----- DATA FOR THIS TASK -----

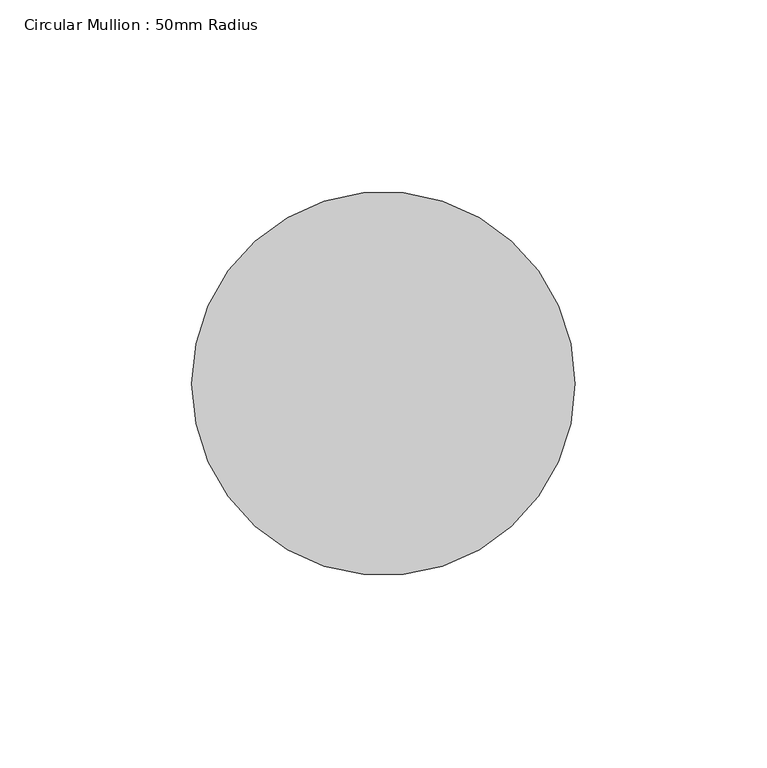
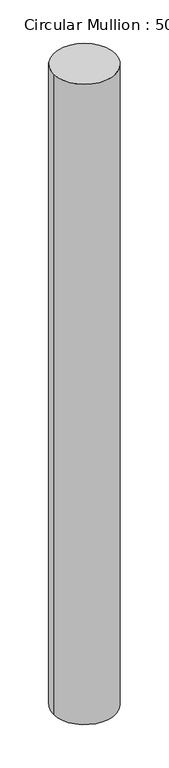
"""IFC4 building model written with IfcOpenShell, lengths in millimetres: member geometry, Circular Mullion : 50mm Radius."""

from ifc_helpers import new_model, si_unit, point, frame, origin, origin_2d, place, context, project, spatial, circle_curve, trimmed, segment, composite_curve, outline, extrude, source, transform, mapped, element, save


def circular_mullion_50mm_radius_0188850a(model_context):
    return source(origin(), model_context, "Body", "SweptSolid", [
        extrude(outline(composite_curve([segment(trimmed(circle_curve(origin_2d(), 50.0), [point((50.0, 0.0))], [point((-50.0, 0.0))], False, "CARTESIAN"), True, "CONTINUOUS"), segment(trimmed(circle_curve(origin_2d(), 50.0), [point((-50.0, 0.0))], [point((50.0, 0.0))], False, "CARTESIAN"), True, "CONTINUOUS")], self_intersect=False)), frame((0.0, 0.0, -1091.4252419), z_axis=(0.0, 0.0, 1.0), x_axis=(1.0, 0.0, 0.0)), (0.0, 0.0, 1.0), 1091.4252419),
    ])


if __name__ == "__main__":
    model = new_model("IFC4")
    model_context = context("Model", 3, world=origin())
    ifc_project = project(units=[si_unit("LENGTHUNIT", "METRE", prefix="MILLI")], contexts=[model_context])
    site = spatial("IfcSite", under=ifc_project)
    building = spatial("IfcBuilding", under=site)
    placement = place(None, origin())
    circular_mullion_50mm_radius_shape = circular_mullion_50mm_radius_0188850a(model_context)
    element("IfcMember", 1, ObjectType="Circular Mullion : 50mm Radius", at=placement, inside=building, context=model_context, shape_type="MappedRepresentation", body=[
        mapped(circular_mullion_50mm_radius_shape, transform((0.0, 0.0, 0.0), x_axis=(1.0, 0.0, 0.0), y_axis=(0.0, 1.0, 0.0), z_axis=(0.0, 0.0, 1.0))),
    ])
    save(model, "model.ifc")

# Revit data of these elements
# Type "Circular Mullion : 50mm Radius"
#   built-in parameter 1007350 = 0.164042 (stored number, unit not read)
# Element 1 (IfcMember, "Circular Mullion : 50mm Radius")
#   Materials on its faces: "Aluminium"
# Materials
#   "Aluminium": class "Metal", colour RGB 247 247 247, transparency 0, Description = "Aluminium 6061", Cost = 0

-----

EXERCISE INSTRUCTIONS: Without copying any picture, repeat the full listing above word for word.

RESULT FOR THIS TASK:
"""IFC4 building model written with IfcOpenShell, lengths in millimetres: member geometry, Circular Mullion : 50mm Radius."""

from ifc_helpers import new_model, si_unit, point, frame, origin, origin_2d, place, context, project, spatial, circle_curve, trimmed, segment, composite_curve, outline, extrude, source, transform, mapped, element, save


def circular_mullion_50mm_radius_0188850a(model_context):
    return source(origin(), model_context, "Body", "SweptSolid", [
        extrude(outline(composite_curve([segment(trimmed(circle_curve(origin_2d(), 50.0), [point((50.0, 0.0))], [point((-50.0, 0.0))], False, "CARTESIAN"), True, "CONTINUOUS"), segment(trimmed(circle_curve(origin_2d(), 50.0), [point((-50.0, 0.0))], [point((50.0, 0.0))], False, "CARTESIAN"), True, "CONTINUOUS")], self_intersect=False)), frame((0.0, 0.0, -1091.4252419), z_axis=(0.0, 0.0, 1.0), x_axis=(1.0, 0.0, 0.0)), (0.0, 0.0, 1.0), 1091.4252419),
    ])


if __name__ == "__main__":
    model = new_model("IFC4")
    model_context = context("Model", 3, world=origin())
    ifc_project = project(units=[si_unit("LENGTHUNIT", "METRE", prefix="MILLI")], contexts=[model_context])
    site = spatial("IfcSite", under=ifc_project)
    building = spatial("IfcBuilding", under=site)
    placement = place(None, origin())
    circular_mullion_50mm_radius_shape = circular_mullion_50mm_radius_0188850a(model_context)
    element("IfcMember", 1, ObjectType="Circular Mullion : 50mm Radius", at=placement, inside=building, context=model_context, shape_type="MappedRepresentation", body=[
        mapped(circular_mullion_50mm_radius_shape, transform((0.0, 0.0, 0.0), x_axis=(1.0, 0.0, 0.0), y_axis=(0.0, 1.0, 0.0), z_axis=(0.0, 0.0, 1.0))),
    ])
    save(model, "model.ifc")

# Revit data of these elements
# Type "Circular Mullion : 50mm Radius"
#   built-in parameter 1007350 = 0.164042 (stored number, unit not read)
# Element 1 (IfcMember, "Circular Mullion : 50mm Radius")
#   Materials on its faces: "Aluminium"
# Materials
#   "Aluminium": class "Metal", colour RGB 247 247 247, transparency 0, Description = "Aluminium 6061", Cost = 0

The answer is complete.